Why didn’t anyone put their hand up?
Seemingly AI is running the world already. Or so you would think given how many times it is talked about.
It has not, however, infiltrated the world of treasury. A show of hands at the start of my most recent talk, at the ACT Cash Management event confirmed that very few treasurers are using AI in their work with only 5% of the room saying they used AI day-to-day.
I’ll be honest, seeing this response did put me on the backfoot somewhat. In a talk about how to get the best out of your AI, to see the minimal uptake surprised me.
Upon reflection I am less surprised and let me tell you why.
The Bigger Picture
Something I believe firmly is that to be successful in treasury, or finance in general is that you have to get INTO the numbers. Really really in. You need to be touching them, understanding them and working with them. Knowing your flows, what feels right, what doesn’t. What is happening in your bank accounts and what the cadence is.
When I start working with a new business I need to see the flows in their accounts and create my own cash model before I can start designing any sort of policy and process.
Some people might say otherwise but I would readily argue that the best leaders are those who do study the reports. They open the attachments and they ask questions.
Shoving numbers into AI does not give you that same experience. Anyone who has managed an analyst before will know the challenge to draw that person away from the doing and into the bigger picture. Yes you have completed your process, and provided your reporting but what does it mean, where are we performing. Where are we at risk?
Reframing
I am not saying I agree with this point of view but I understand it. People will say, I’m too busy keeping the lights on to invest time in something new, on the treadmill and just maintaining all the processes and policies already in place. Having a tight grip on everything, making sure mistakes don’t exist. And trust is maintained.
Get messy and break stuff is the rhetoric of the start up world and couldn’t be any further from the reality of a treasury world.
Why don’t we use the AI for another reason. How about we use it to make us smarter and closer to our numbers than ever before. It is hard though, it involves slowing down, reading and refining. The tasks like data formatting and crunching we can skip, no one ever learned from doing a vlookup better than before, however asking more and more questions about the information is the future. There’s so much in treasury we would like to know but don’t have time and resources for the analysis, let’s use it for exactly that.
Get the Answers You’ve Always Wanted
Think about your last month-end. You reviewed the cash position, checked covenant headroom, reported on FX exposures. But did you get to ask why your intercompany flows were slightly off pattern? Did you have time to analyse whether your counterparty concentration risk is creeping in the wrong direction? Did you model what a 50 basis point rate move actually does to your net interest position across all facilities?

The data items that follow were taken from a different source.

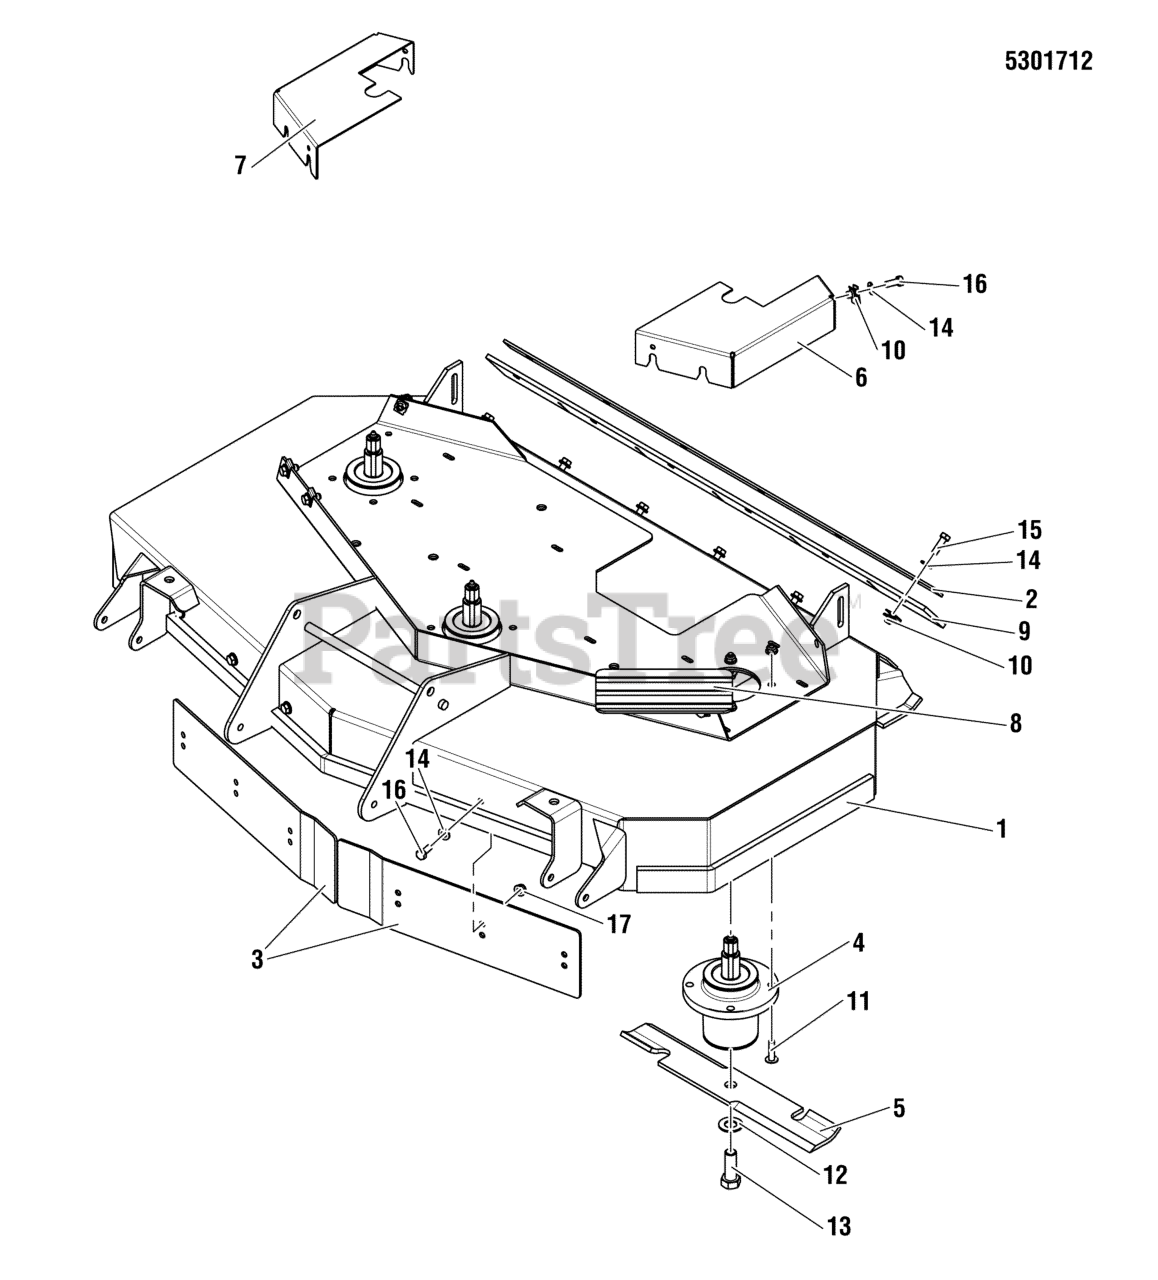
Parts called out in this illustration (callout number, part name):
1	DECK SHELL W/ DECALS, 44RD, IS1500ZCE
2	BAR, RETAINING, 44RD - BLK
3	BAFFLE, FRONT DISCHARGE, 44RD - BLK
4	ASSM, SPINDLE, LOW PROFILE
5	BLADE, 15" (SET OF THREE)
6	GUARD, 44" MOWER DECK, LH
7	GUARD, 44" MOWER DECK, RH
8	SAFETY WALK, 4.00 X 7.50
9	FLAP, RUBBER, 44RD
10	BODY CLIP, 5/16-18-7GA MATERIAL
11	BOLT, 5/16-18 X 1 1/4 FLANGE
12	WASHER, 5/8 GRADE 8, YZ
13	BOLT, 5/8-11 X 1-3/4 GD8
14	WASHER, 5/16" SAE
15	BOLT, 5/16-18 X 1 GD5 YZ
16	BOLT, 5/16-18 X 3/4 GD5
17	NUT, 5/16-18 HEX NYLOCK FLANGE

Probably not. Not because you don’t care, but because there are only so many hours and the core deliverables have to come first.
This is the case for AI in treasury. Not to replace your judgment or distance you from your numbers but to multiply the number of questions you can actually get answered. To take the analysis you’d love to commission but can’t justify the resource for, and put it within reach.
The treasurers who will thrive in the next five years won’t be the ones who handed everything off to a model and waited for answers. They’ll be the ones who stayed close to their business, understood their exposures deeply, and used AI to go further and faster than they ever could alone.
The hand-raising moment at that event told me something important. Not that treasury is behind but that it is thoughtful. Treasurers are right to be careful about what they trust and how they work.
The risk culture that makes a great treasurer is the same instinct that makes them slow to adopt anything untested.
So here is my challenge: don’t adopt AI because everyone else eventually will. Adopt it because there is a question sitting at the back of your mind about your liquidity position, your FX book, your banking relationships that you haven’t had time to properly answer. Start there. That’s your use case.